Пока надевала пальто, запуталась в рукаве, лежавший там шарф застрял: ни туда ни сюда. Справившись и подняв глаза, я увидела не Степку, обычно по-деловому и гордо возвышающегося на своем офисном стуле, главного босса кухни. В низком инвалидном кресле с большими колесами сидел щуплый мальчишка, смотревший на меня с горечью и вызовом. И тогда я не удержалась:
– Сложно с тобой, парень. Вот ты сам готов и накормить, и поговорить, и побеспокоиться, а о себе позаботиться не даешь. И тогда, пойми, трудно к тебе приходить, ведь начинаешь чувствовать себя дармоедкой, объедающей бедного подростка, у которого к тому же мама в больнице.
– А вы не приходите, – я открыла дверь, ничего не оставалось, как шагнуть за порог, – или поймите, что ваша ценность для меня не в том, чтобы что-то делать, сделать я и сам могу.
Я обернулась, хотела увидеть его глаза, но дверь уже захлопнулась.
Ей приснилось отчаяние. Оно выплюнуло ее из картины. «Акробаты. Мать и дитя» – так она называлась. Она видела ее в альбоме и помнит тот день, когда картина ее поглотила, овладела ею. «Розовый период», ха. Столько материнского отчаяния. Выросшая девочка на шаре. Теперь ты, сын. Перебирай ножками. Держи равновесие. Улыбайся. Ты в голубом трико моего старания и одиночества. Твоя способность держать равновесие – условие нашего выживания. Если ты не справишься, то и мне не жить. Не отворачивайся от меня. Я сама в отчаянии. Я хотела бы тебе другой судьбы. Но у нас с тобой только эта. Другой нет.
Она впервые проснулась не от боли, а потому, что глухо застонала соседка по палате. Чужая боль подбрасывала ее – встать и помочь, но тело не слушалось, слабость не давала даже пошевелиться. Сегодня какая-то правильная слабость, отпускающая, помогающая расслабиться, разрешающая не шевелиться, блаженная. Смешное слово. Блаженная слабость. Да, сегодня она может ощутить себя отдыхающей. Сегодня она просто отдохнет. Она в больнице. Ей ничего не надо делать, даже бороться с болью. Она хочет просто лежать, не шевелясь. Сегодня ей можно. Даже поспать еще немного. Пусть только перестанет сниться эта картина. Этот мальчик, отвернувшийся от материнского отчаяния.

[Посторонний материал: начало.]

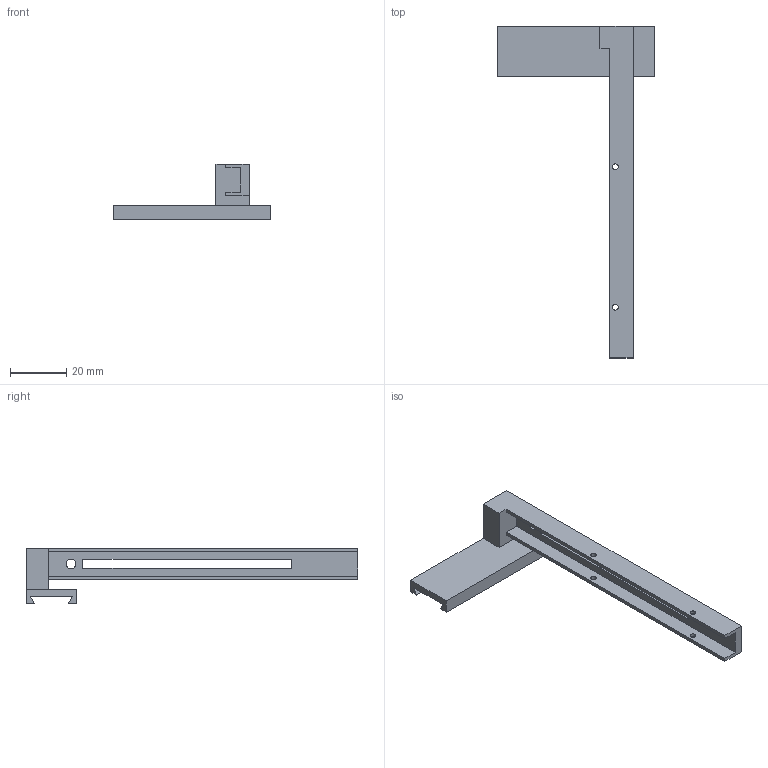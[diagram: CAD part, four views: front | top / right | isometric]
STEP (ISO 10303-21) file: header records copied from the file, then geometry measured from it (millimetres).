
FILE_DESCRIPTION(('Open CASCADE Model'),'2;1');
FILE_NAME('Open CASCADE Shape Model','2026-10-15T21:05:20',('Author'),( 'Open CASCADE'),'Open CASCADE STEP processor 7.9','Open CASCADE 7.9' ,'Unknown');
FILE_SCHEMA(('AUTOMOTIVE_DESIGN { 1 0 10303 214 1 1 1 1 }'));
Length unit declared in the file: millimetre
Products named in the file (1): Open CASCADE STEP translator 7.9 10
Bounding box: 56 x 118 x 19.9 mm (x, y, z)
Volume: 9114.2 mm3; surface area: 9255.3 mm2
Topology: 1 solids, 1 shells, 34 faces, 96 edges, 64 vertices
Faces by surface type: plane 27, cylinder 7
Full cylindrical faces by diameter (mm): 2 x4, 3.4 x1
Entity records: 2360 total; most frequent: CARTESIAN_POINT 529, DIRECTION 300, LINE 202, VECTOR 202, ORIENTED_EDGE 192, PCURVE 192, DEFINITIONAL_REPRESENTATION 192, EDGE_CURVE 96
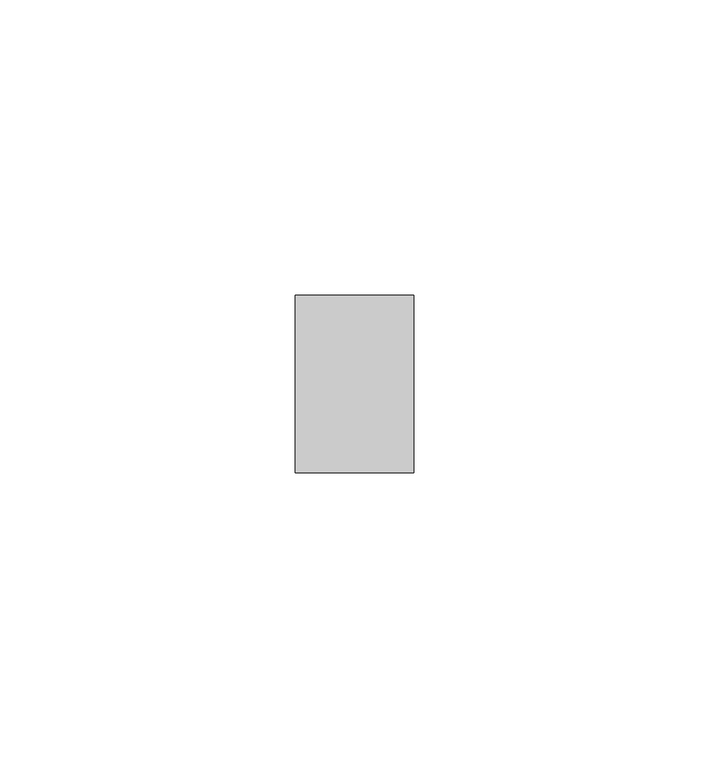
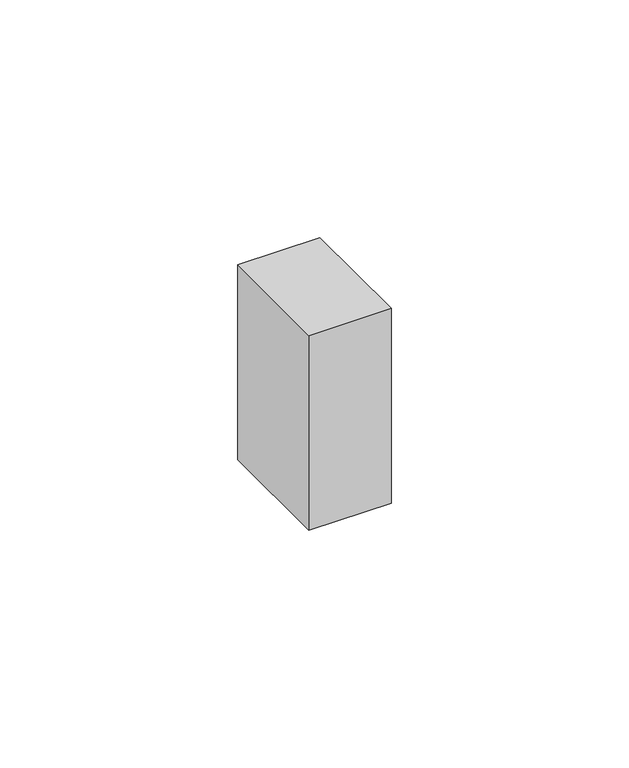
"""IFC4 building model written with IfcOpenShell, lengths in millimetres: member geometry, Прямоугольный импост : Квадрат 10 мм - Зазор между навесными плитами."""

from ifc_helpers import new_model, si_unit, frame, origin, place, context, project, spatial, polyline, outline, extrude, source, transform, mapped, element, save


def member_4cfe76b9(model_context):
    return source(origin(), model_context, "Body", "SweptSolid", [
        extrude(outline(polyline([(0.0, 15.0), (0.0, -15.0), (-20.0, -15.0), (-20.0, 15.0), (0.0, 15.0)])), frame((0.0, 0.0, -50.0), z_axis=(0.0, 0.0, 1.0), x_axis=(1.0, 0.0, 0.0)), (0.0, 0.0, 1.0), 50.0),
    ])


if __name__ == "__main__":
    model = new_model("IFC4")
    model_context = context("Model", 3, world=origin())
    ifc_project = project(units=[si_unit("LENGTHUNIT", "METRE", prefix="MILLI")], contexts=[model_context])
    site = spatial("IfcSite", under=ifc_project)
    building = spatial("IfcBuilding", under=site)
    placement = place(None, origin())
    member_shape = member_4cfe76b9(model_context)
    element("IfcMember", 1, ObjectType="Прямоугольный импост : Квадрат 10 мм - Зазор между навесными плитами", at=placement, inside=building, context=model_context, shape_type="MappedRepresentation", body=[
        mapped(member_shape, transform((0.0, 0.0, 0.0), x_axis=(1.0, 0.0, 0.0), y_axis=(0.0, 1.0, 0.0), z_axis=(0.0, 0.0, 1.0))),
    ])
    save(model, "model.ifc")
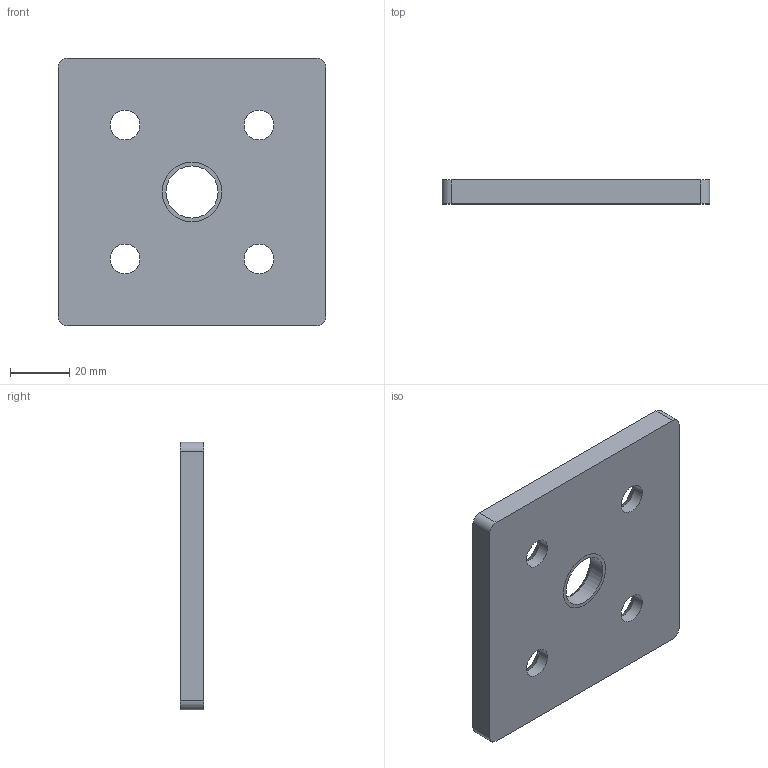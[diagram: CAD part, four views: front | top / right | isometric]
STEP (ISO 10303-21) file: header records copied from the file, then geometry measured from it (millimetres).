
FILE_DESCRIPTION((''),'2;1');
FILE_NAME('TAF909020','2002-12-27T',('Lipro doo'),('Lipro d.o.o.'),'PRO/ENGINEER BY PARAMETRIC TECHNOLOGY CORPORATION, 2001150','PRO/ENGINEER BY PARAMETRIC TECHNOLOGY CORPORATION, 2001150','');
FILE_SCHEMA(('CONFIG_CONTROL_DESIGN'));
Length unit declared in the file: millimetre
Products named in the file (1): TAF909020
Bounding box: 90 x 8 x 90 mm (x, y, z)
Volume: 58884.8 mm3; surface area: 19527.5 mm2
Topology: 1 solids, 2 shells, 32 faces, 80 edges, 50 vertices
Faces by surface type: cylinder 16, cone 10, plane 6
Entity records: 1030 total; most frequent: DIRECTION 188, CARTESIAN_POINT 163, ORIENTED_EDGE 156, EDGE_CURVE 80, AXIS2_PLACEMENT_3D 75, VERTEX_POINT 50, EDGE_LOOP 42, CIRCLE 42

«А вы и не приходите», – звучит как укор. «Зачем приходила? Кого жалела? Во что играла? Кто просил?» – «Ленка просила». – «Ты даже с этим не справилась. Ты обещала ей отчитаться сегодня вечером. Что расскажешь? Что он тебя выгнал? И что после этого будет?» – «А вот ничего и не будет. Пусть она прется к нему, а он терпит, раз такой умник. Или шлет ее куда подальше. Меня же послал». – «Тебя, видимо, можно. Одно из двух, либо это акт большого доверия, либо ты такова, что тебя можно обидеть и выгнать. Выбирай, что тебе приятнее думать». – «Пожалуй, пообижаюсь я пока, про большое доверие как-то верится с трудом».
– Ну что, как там ребенок? Что сказал врач? Чего привезти, завтра вечером приеду. – Она даже к вечеру полна энтузиазма, откуда он в ней только берется, и где тот бездонный источник? Сегодня он меня, по понятным причинам, особенно раздражает.